- The paper introduces a reinforcement learning method that directly optimizes ROUGE by ranking sentences for extractive summarization.
- The methodology employs a hierarchical model with CNN-based sentence encoding and LSTM-based document encoding to capture local and global context.
- Experimental results on CNN and DailyMail datasets demonstrate that the RL approach outperforms traditional cross-entropy training in generating coherent, informative summaries.
Reinforcement Learning for Extractive Summarization: A Sentence Ranking Approach
The paper, "Ranking Sentences for Extractive Summarization with Reinforcement Learning," offers a significant contribution to the field of automated text summarization by framing extractive summarization as a sentence ranking task. The research advances beyond traditional cross-entropy-based training by directly optimizing the ROUGE evaluation metric using reinforcement learning (RL), specifically employing a policy gradient approach. This methodological shift allows for greater alignment with summarization evaluation criteria and better performance on summarization tasks.
Methodology
The proposed model consists of a hierarchical architecture featuring a sentence encoder, a document encoder, and a sentence extractor. Key elements of the sentence encoder involve convolutional neural networks (CNNs) that generate sentence representations by capturing salient information patterns. Sentences are composed into document representations through a recurrent neural network with LSTM cells, considering both local and global sentence importances.
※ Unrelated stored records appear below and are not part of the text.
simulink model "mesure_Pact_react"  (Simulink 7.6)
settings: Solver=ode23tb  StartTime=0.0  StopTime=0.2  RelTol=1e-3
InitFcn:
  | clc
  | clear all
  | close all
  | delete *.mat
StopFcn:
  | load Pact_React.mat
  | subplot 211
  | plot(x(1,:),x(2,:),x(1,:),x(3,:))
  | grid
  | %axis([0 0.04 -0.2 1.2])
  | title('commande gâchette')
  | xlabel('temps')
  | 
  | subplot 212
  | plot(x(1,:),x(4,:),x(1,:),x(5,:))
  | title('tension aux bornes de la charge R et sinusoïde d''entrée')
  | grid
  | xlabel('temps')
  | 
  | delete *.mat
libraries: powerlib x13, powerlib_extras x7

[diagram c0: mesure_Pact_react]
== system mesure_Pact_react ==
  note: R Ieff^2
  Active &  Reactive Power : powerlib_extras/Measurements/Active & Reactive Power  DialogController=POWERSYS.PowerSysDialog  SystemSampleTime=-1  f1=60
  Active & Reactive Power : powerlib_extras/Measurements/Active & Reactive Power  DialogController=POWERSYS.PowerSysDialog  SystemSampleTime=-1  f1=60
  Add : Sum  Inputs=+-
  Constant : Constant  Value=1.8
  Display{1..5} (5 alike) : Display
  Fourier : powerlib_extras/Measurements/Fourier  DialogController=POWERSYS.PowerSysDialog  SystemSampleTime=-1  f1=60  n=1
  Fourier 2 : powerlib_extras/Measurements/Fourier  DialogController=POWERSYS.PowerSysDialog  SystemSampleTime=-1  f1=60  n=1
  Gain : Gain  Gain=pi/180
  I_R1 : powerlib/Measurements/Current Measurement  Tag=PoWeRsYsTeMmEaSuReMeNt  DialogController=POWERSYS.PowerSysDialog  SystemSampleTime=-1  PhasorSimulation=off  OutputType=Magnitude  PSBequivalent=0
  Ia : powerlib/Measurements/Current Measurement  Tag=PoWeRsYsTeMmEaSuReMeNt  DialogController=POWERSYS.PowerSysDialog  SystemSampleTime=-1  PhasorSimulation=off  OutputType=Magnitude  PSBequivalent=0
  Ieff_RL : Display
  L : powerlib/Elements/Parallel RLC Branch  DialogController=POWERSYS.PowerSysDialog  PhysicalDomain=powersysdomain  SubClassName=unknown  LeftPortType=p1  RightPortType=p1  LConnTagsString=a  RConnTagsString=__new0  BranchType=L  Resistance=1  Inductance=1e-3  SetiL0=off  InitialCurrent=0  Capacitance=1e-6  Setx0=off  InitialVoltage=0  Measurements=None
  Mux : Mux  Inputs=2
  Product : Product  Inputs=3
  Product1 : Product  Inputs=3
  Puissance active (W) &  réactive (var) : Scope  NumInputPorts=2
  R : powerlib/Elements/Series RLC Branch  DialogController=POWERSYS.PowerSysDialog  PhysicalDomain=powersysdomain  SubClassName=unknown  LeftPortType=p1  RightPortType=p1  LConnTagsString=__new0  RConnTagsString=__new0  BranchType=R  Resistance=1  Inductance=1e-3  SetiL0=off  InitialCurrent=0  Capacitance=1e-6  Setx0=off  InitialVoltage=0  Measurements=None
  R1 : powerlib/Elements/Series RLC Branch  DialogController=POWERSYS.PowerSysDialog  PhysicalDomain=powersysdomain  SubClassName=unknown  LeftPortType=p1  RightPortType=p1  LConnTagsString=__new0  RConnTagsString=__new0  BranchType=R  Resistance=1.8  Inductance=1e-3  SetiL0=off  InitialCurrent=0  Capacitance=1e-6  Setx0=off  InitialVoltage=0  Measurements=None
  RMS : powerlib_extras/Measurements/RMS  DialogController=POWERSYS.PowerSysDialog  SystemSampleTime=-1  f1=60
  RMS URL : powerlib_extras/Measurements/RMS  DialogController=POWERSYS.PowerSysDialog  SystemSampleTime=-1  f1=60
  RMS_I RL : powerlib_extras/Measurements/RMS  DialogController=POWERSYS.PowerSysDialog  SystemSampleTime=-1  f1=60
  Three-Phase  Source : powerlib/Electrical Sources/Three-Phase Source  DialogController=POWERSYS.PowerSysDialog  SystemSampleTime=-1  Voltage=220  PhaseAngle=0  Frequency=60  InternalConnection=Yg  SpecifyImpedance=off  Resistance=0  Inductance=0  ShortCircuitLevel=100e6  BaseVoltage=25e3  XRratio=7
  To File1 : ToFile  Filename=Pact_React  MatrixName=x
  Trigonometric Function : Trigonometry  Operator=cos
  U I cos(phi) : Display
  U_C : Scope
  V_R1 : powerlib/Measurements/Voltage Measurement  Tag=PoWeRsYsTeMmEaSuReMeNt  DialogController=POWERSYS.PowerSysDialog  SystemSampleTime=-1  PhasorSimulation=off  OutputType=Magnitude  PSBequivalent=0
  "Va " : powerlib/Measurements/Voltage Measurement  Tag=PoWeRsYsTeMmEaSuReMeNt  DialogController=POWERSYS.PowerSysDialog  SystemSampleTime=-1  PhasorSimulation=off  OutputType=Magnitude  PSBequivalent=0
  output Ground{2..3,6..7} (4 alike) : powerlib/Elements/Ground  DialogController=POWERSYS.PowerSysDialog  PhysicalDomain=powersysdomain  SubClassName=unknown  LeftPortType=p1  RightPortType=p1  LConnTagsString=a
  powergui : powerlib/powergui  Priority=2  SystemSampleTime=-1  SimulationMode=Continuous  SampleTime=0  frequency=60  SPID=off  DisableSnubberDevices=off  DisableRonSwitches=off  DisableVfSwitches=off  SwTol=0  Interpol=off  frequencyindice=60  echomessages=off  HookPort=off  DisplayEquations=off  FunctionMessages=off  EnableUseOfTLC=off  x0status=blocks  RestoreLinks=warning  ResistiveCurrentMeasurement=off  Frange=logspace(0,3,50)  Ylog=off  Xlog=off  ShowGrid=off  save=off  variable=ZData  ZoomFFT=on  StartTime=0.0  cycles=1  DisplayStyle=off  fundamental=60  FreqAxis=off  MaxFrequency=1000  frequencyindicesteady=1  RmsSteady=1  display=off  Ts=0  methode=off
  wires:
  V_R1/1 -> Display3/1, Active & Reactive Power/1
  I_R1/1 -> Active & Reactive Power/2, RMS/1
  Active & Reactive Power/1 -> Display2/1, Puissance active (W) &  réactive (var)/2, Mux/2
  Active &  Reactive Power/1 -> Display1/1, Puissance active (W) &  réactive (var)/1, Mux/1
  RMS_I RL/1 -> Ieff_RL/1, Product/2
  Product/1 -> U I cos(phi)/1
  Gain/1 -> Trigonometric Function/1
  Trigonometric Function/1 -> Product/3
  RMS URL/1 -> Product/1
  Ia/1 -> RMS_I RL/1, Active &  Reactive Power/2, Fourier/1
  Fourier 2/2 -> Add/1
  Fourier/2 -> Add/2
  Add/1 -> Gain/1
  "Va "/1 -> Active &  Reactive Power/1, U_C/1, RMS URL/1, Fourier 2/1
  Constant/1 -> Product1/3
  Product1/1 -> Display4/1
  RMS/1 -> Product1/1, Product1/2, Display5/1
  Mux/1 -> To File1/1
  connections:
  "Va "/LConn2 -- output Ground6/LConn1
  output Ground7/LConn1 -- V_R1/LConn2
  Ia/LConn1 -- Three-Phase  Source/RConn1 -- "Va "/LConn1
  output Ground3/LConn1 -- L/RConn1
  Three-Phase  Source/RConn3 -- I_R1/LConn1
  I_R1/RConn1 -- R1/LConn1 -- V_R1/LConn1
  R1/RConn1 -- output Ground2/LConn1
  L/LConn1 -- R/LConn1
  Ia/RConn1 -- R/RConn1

Central to the paper is the claim that standard cross-entropy loss generates verbose and less informative summaries due to a misalignment with evaluation metrics like ROUGE. This paper addresses the disconnect by utilizing RL to globally optimize sentence selection, thus improving the relevance of extracted sentences. The reinforcement learning framework employed is the REINFORCE algorithm, which optimizes a reward function based on ROUGE. This allows the model to better discriminate among sentences, assigning higher ranks to those that frequently appear in high-scoring summaries.
Experimental Results
The research demonstrates substantial improvements over other models with both automatic and human evaluations. On the widely-used CNN and DailyMail datasets, the proposed method, named Refresh, consistently outperforms both extractive and abstractive state-of-the-art systems. Notably, human evaluations corroborate these findings, underscoring Refresh’s efficacy in producing summaries more informative and coherent than those generated by leading abstractive models.
Implications and Future Directions
This paper's approach and results underscore a shift in how automatic summarization can be enhanced through direct metric optimization. By utilizing RL to align learning with evaluation criteria, it addresses key discrepancies in conventional method training. The findings imply practical improvements in tasks necessitating concise and relevant document representations, such as news aggregation and content curation.
Future research could explore further refinements in sentence ranking, perhaps incorporating more nuanced discourse units beyond sentences. Extensions to this work might involve integrating compression techniques within the RL framework or adapting the approach for multi-document summarization scenarios, given its promising single-document results.
Overall, this paper provides a robust framework for employing reinforcement learning in extractive summarization, demonstrating clear improvements over conventional methods by harmonizing model training with the desired evaluative outcomes.